━━━ DATA TO PROCESS ━━━
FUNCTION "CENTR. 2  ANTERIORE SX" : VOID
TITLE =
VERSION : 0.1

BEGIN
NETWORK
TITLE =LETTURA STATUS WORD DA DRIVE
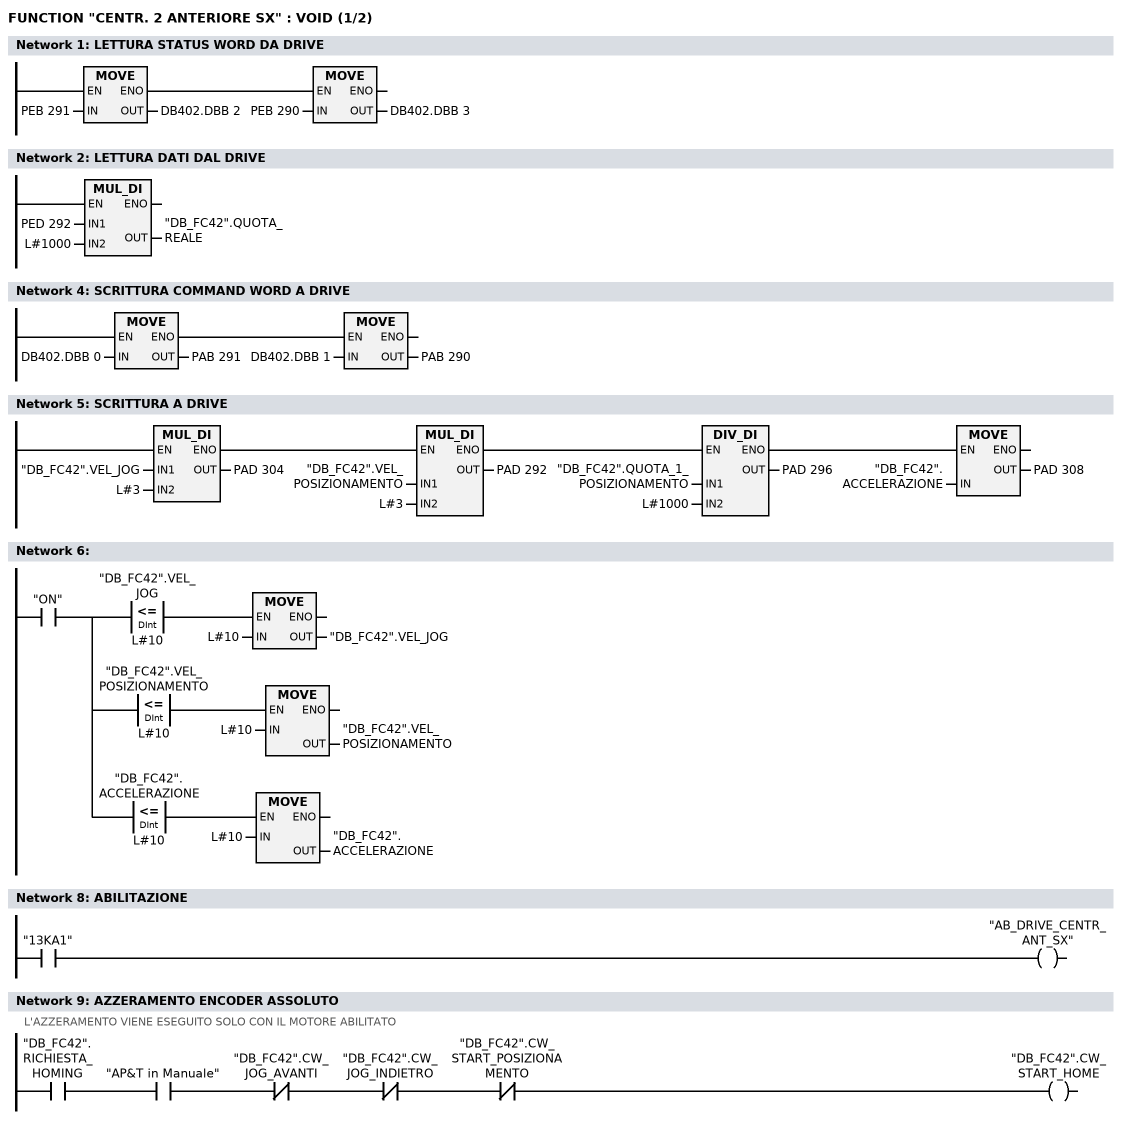
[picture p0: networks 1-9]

      U(    ;
      L     PEB  291;
      T     DB402.DBB    2;
      SET   ;
      SAVE  ;
      CLR   ;
      U     BIE;
      )     ;
      SPBNB _001;
      L     PEB  290;
      T     DB402.DBB    3;
_001: NOP   0;
NETWORK
TITLE =LETTURA DATI DAL DRIVE

      L     PED  292;
      L     L#1000;
      *D    ;
      T     "DB_FC42".QUOTA_REALE;
      NOP   0;
NETWORK
TITLE =

NETWORK
TITLE =SCRITTURA COMMAND WORD A DRIVE

      U(    ;
      L     DB402.DBB    0;
      T     PAB  291;
      SET   ;
      SAVE  ;
      CLR   ;
      U     BIE;
      )     ;
      SPBNB _002;
      L     DB402.DBB    1;
      T     PAB  290;
_002: NOP   0;
NETWORK
TITLE =SCRITTURA A DRIVE

      U(    ;
      U(    ;
      U(    ;
      L     "DB_FC42".VEL_JOG;
      L     L#3;
      *D    ;
      T     PAD  304;
      UN    OV;
      SAVE  ;
      CLR   ;
      U     BIE;
      )     ;
      SPBNB _003;
      L     "DB_FC42".VEL_POSIZIONAMENTO;
      L     L#3;
      *D    ;
      T     PAD  292;
      UN    OV;
      SAVE  ;
      CLR   ;
_003: U     BIE;
      )     ;
      SPBNB _004;
      L     "DB_FC42".QUOTA_1_POSIZIONAMENTO;
      L     L#1000;
      /D    ;
      T     PAD  296;
      UN    OV;
      SAVE  ;
      CLR   ;
_004: U     BIE;
      )     ;
      SPBNB _005;
      L     "DB_FC42".ACCELERAZIONE;
      T     PAD  308;
_005: NOP   0;
NETWORK
TITLE =

      U     "ON";
      =     L      0.0;
      U     L      0.0;
      U(    ;
      L     "DB_FC42".VEL_JOG;
      L     L#10;
      <=D   ;
      )     ;
      SPBNB _006;
      L     L#10;
      T     "DB_FC42".VEL_JOG;
_006: NOP   0;
      U     L      0.0;
      U(    ;
      L     "DB_FC42".VEL_POSIZIONAMENTO;
      L     L#10;
      <=D   ;
      )     ;
      SPBNB _007;
      L     L#10;
      T     "DB_FC42".VEL_POSIZIONAMENTO;
_007: NOP   0;
      U     L      0.0;
      U(    ;
      L     "DB_FC42".ACCELERAZIONE;
      L     L#10;
      <=D   ;
      )     ;
      SPBNB _008;
      L     L#10;
      T     "DB_FC42".ACCELERAZIONE;
_008: NOP   0;
NETWORK
TITLE =

NETWORK
TITLE =ABILITAZIONE

      U     "13KA1";
      =     "AB_DRIVE_CENTR_ANT_SX";
NETWORK
TITLE =AZZERAMENTO ENCODER ASSOLUTO
//L'AZZERAMENTO VIENE ESEGUITO SOLO CON IL MOTORE ABILITATO
      U     "DB_FC42".RICHIESTA_HOMING;
      U     "AP&T in Manuale";
      UN    "DB_FC42".CW_JOG_AVANTI;
      UN    "DB_FC42".CW_JOG_INDIETRO;
      UN    "DB_FC42".CW_START_POSIZIONAMENTO;
      =     "DB_FC42".CW_START_HOME;
NETWORK
TITLE =COMANDI DI JOG
//N.B. VERIFICARE QUOTE EXTRACORSA SOFTWARE
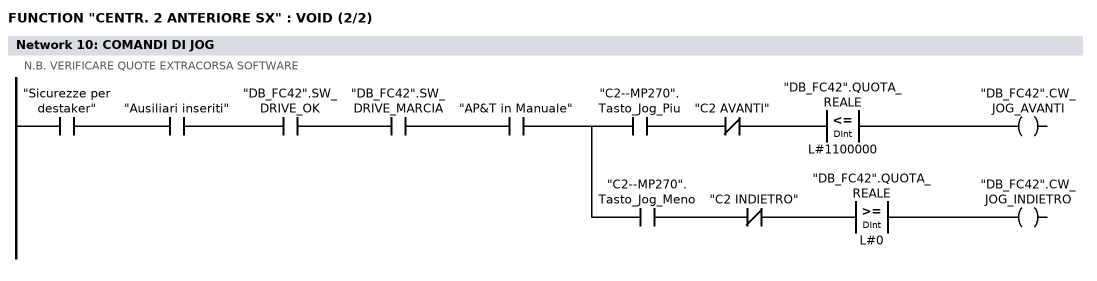
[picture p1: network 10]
      U     "Sicurezze per destaker";
      U     "Ausiliari inseriti";
      U     "DB_FC42".SW_DRIVE_OK;
      U     "DB_FC42".SW_DRIVE_MARCIA;
      U     "AP&T in Manuale";
      =     L      0.0;
      U     L      0.0;
      U     "C2--MP270".Tasto_Jog_Piu;
      UN    "C2 AVANTI";
      U(    ;
      L     "DB_FC42".QUOTA_REALE;
      L     L#1100000;
      <=D   ;
      )     ;
      =     "DB_FC42".CW_JOG_AVANTI;
      U     L      0.0;
      U     "C2--MP270".Tasto_Jog_Meno;
      UN    "C2 INDIETRO";
      U(    ;
      L     "DB_FC42".QUOTA_REALE;
      L     L#0;
      >=D   ;
      )     ;
      =     "DB_FC42".CW_JOG_INDIETRO;
NETWORK
TITLE =Centratore 2: Posizioni

      U     "ON";
      =     L      0.0;
      U     L      0.0;
      U(    ;
      L     "DB_FC42".QUOTA_REALE;
      L     L#100;
      <=D   ;
      )     ;
      U(    ;
      L     "DB_FC42".QUOTA_REALE;
      L     L#-100;
      >=D   ;
      )     ;
      =     "C2: Asse in pos.0";
      U(    ;
      U(    ;
      U     L      0.0;
      SPBNB _009;
      L     "MATRICOLA ATTUALE".C2_Posizione_1;
      L     L#100;
      -D    ;
      T     "CONFRONTI CENTRATORI".C2_Pos_1_Min;
      UN    OV;
      SAVE  ;
      CLR   ;
_009: U     BIE;
      )     ;
      SPBNB _00a;
      L     "MATRICOLA ATTUALE".C2_Posizione_1;
      L     L#200;
      +D    ;
      T     "CONFRONTI CENTRATORI".C2_Pos_1_Max;
      UN    OV;
      SAVE  ;
      CLR   ;
_00a: U     BIE;
      )     ;
      U(    ;
      L     "DB_FC42".QUOTA_REALE;
      L     "CONFRONTI CENTRATORI".C2_Pos_1_Min;
      >=D   ;
      )     ;
      U(    ;
      L     "DB_FC42".QUOTA_REALE;
      L     "CONFRONTI CENTRATORI".C2_Pos_1_Max;
      <=D   ;
      )     ;
      =     "C2: Asse in pos.1";
      U(    ;
      U(    ;
      U     L      0.0;
      SPBNB _00b;
      L     "MATRICOLA ATTUALE".C2_Posizione_2;
      L     L#100;
      -D    ;
      T     "CONFRONTI CENTRATORI".C2_Pos_2_Min;
      UN    OV;
      SAVE  ;
      CLR   ;
_00b: U     BIE;
      )     ;
      SPBNB _00c;
      L     "MATRICOLA ATTUALE".C2_Posizione_2;
      L     L#50000;
      +D    ;
      T     "CONFRONTI CENTRATORI".C2_Pos_2_Max;
      UN    OV;
      SAVE  ;
      CLR   ;
_00c: U     BIE;
      )     ;
      U(    ;
      L     "DB_FC42".QUOTA_REALE;
      L     "CONFRONTI CENTRATORI".C2_Pos_2_Min;
      >=D   ;
      )     ;
      UN    "C2: Asse in pos.3";
      UN    "C2: Asse in pos.4";
      =     "C2: Asse in pos.2";
      U(    ;
      U(    ;
      U     L      0.0;
      SPBNB _00d;
      L     "MATRICOLA ATTUALE".C2_Posizione_3;
      L     L#100;
      -D    ;
      T     "CONFRONTI CENTRATORI".C2_Pos_3_Min;
      UN    OV;
      SAVE  ;
      CLR   ;
_00d: U     BIE;
      )     ;
      SPBNB _00e;
      L     "MATRICOLA ATTUALE".C2_Posizione_3;
      L     L#50000;
      +D    ;
      T     "CONFRONTI CENTRATORI".C2_Pos_3_Max;
      UN    OV;
      SAVE  ;
      CLR   ;
_00e: U     BIE;
      )     ;
      U(    ;
      L     "DB_FC42".QUOTA_REALE;
      L     "CONFRONTI CENTRATORI".C2_Pos_3_Min;
      >=D   ;
      )     ;
      UN    "C2: Asse in pos.4";
      =     "C2: Asse in pos.3";
      U(    ;
      U(    ;
      U     L      0.0;
      SPBNB _00f;
      L     "MATRICOLA ATTUALE".C2_Posizione_4;
      L     L#100;
      -D    ;
      T     "CONFRONTI CENTRATORI".C2_Pos_4_Min;
      UN    OV;
      SAVE  ;
      CLR   ;
_00f: U     BIE;
      )     ;
      SPBNB _010;
      L     "MATRICOLA ATTUALE".C2_Posizione_4;
      L     L#100;
      +D    ;
      T     "CONFRONTI CENTRATORI".C2_Pos_4_Max;
      UN    OV;
      SAVE  ;
      CLR   ;
_010: U     BIE;
      )     ;
      U(    ;
      L     "DB_FC42".QUOTA_REALE;
      L     "CONFRONTI CENTRATORI".C2_Pos_4_Min;
      >=D   ;
      )     ;
      U(    ;
      L     "DB_FC42".QUOTA_REALE;
      L     "CONFRONTI CENTRATORI".C2_Pos_4_Max;
      <=D   ;
      )     ;
      =     "C2: Asse in pos.4";
NETWORK
TITLE =Centratore 2: consenso abilitazione passi
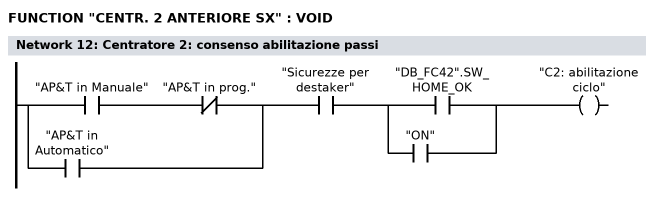
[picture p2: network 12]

      U(    ;
      U     "AP&T in Manuale";
      UN    "AP&T in prog.";
      O     "AP&T in Automatico";
      )     ;
      U     "Sicurezze per destaker";
      U(    ;
      O     "DB_FC42".SW_HOME_OK;
      O     "ON";
      )     ;
      =     "C2: abilitazione ciclo";
NETWORK
TITLE =Centratore 2: comando avvicinamento  (centraggi aperti)

      U(    ;
      U(    ;
      O     "Comando apre centraggi";
      O     "C2--MP270".Tasto_Indietro;
      O     ;
      U     "Apertura centratori";
      U(    ;
      O     "Centratori a riposo";
      O     "Centratori tutti chiusi";
      )     ;
      )     ;
      UN    "C2: Asse in pos.1";
      UN    "C2: comando arrivo";
      UN    "C2: comando a riposo";
      U     "C2: abilitazione ciclo";
      L     S5T#100MS;
      SE    T    183;
      NOP   0;
      NOP   0;
      NOP   0;
      U     T    183;
      )     ;
      S     "C2: comando avvicinam";
      U(    ;
      O     "C2: Asse in pos.1";
      O(    ;
      U(    ;
      O     "Ripristino centratori";
      O     "Comando riposo centraggi";
      O     "C2--MP270".Tasto_Riposo;
      )     ;
      FP    "C2: one shot 1";
      )     ;
      )     ;
      R     "C2: comando avvicinam";
      NOP   0;
NETWORK
TITLE =Centratore 2: comando arrivo (centraggi chiusi)

      U(    ;
      U(    ;
      O     "Comando chiude centraggi";
      O     "C2--MP270".Tasto_Avanti;
      O     ;
      U     "Chiusura centratori";
      U(    ;
      O     "Centratori tutti aperti";
      O     "Centratori a riposo";
      )     ;
      )     ;
      UN    "C2: Asse in pos.4";
      UN    "C2: comando avvicinam";
      UN    "C2: comando a riposo";
      U     "C2: abilitazione ciclo";
      L     S5T#100MS;
      SE    T    184;
      NOP   0;
      NOP   0;
      NOP   0;
      U     T    184;
      )     ;
      S     "C2: comando arrivo";
      U(    ;
      O     "C2: Asse in pos.4";
      O(    ;
      U(    ;
      O     "Ripristino centratori";
      O     "Comando riposo centraggi";
      O     "C2--MP270".Tasto_Riposo;
      )     ;
      FP    "C2: one shot 2";
      )     ;
      )     ;
      R     "C2: comando arrivo";
      NOP   0;
NETWORK
TITLE =Centratore 2: comando automatico centraggi a riposo

      U(    ;
      U(    ;
      O     "Comando riposo centraggi";
      O     "C2--MP270".Tasto_Riposo;
      )     ;
      UN    "C2: Asse in pos.0";
      UN    "C2: comando avvicinam";
      UN    "C2: comando arrivo";
      U     "C2: abilitazione ciclo";
      L     S5T#100MS;
      SE    T    185;
      NOP   0;
      NOP   0;
      NOP   0;
      U     T    185;
      )     ;
      S     "C2: comando a riposo";
      U(    ;
      O     "C2: Asse in pos.0";
      O(    ;
      U     "Ripristino centratori";
      FP    "C2: one shot 3";
      )     ;
      )     ;
      R     "C2: comando a riposo";
      NOP   0;
NETWORK
TITLE =Centratore 2: quote impostate per posizioni

      U     "ON";
      =     L      0.0;
      U(    ;
      U(    ;
      U     L      0.0;
      U     "C2: comando a riposo";
      UN    "C2: Asse in pos.0";
      SPBNB _011;
      L     0;
      T     "DB_FC42".QUOTA_1_POSIZIONAMENTO;
      SET   ;
      SAVE  ;
      CLR   ;
_011: U     BIE;
      )     ;
      SPBNB _012;
      L     L#150;
      T     "DB_FC42".VEL_POSIZIONAMENTO;
      SET   ;
      SAVE  ;
      CLR   ;
_012: U     BIE;
      )     ;
      SPBNB _013;
      L     L#1000;
      T     "DB_FC42".ACCELERAZIONE;
      SET   ;
      SAVE  ;
      CLR   ;
_013: U     BIE;
      =     "C2: Quote pronte pos.0";
      U(    ;
      U(    ;
      U     L      0.0;
      U     "C2: comando avvicinam";
      UN    "C2: Asse in pos.1";
      SPBNB _014;
      L     "MATRICOLA ATTUALE".C2_Posizione_1;
      T     "DB_FC42".QUOTA_1_POSIZIONAMENTO;
      SET   ;
      SAVE  ;
      CLR   ;
_014: U     BIE;
      )     ;
      SPBNB _015;
      L     "MATRICOLA ATTUALE".C2_Velocita_1;
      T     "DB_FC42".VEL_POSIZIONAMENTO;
━━━
§ WORK ORDER:
Count lines, not occurrences. State how many lines of the entries contain the word "shot", and add nothing.

§ ANSWER TO THIS TASK:
3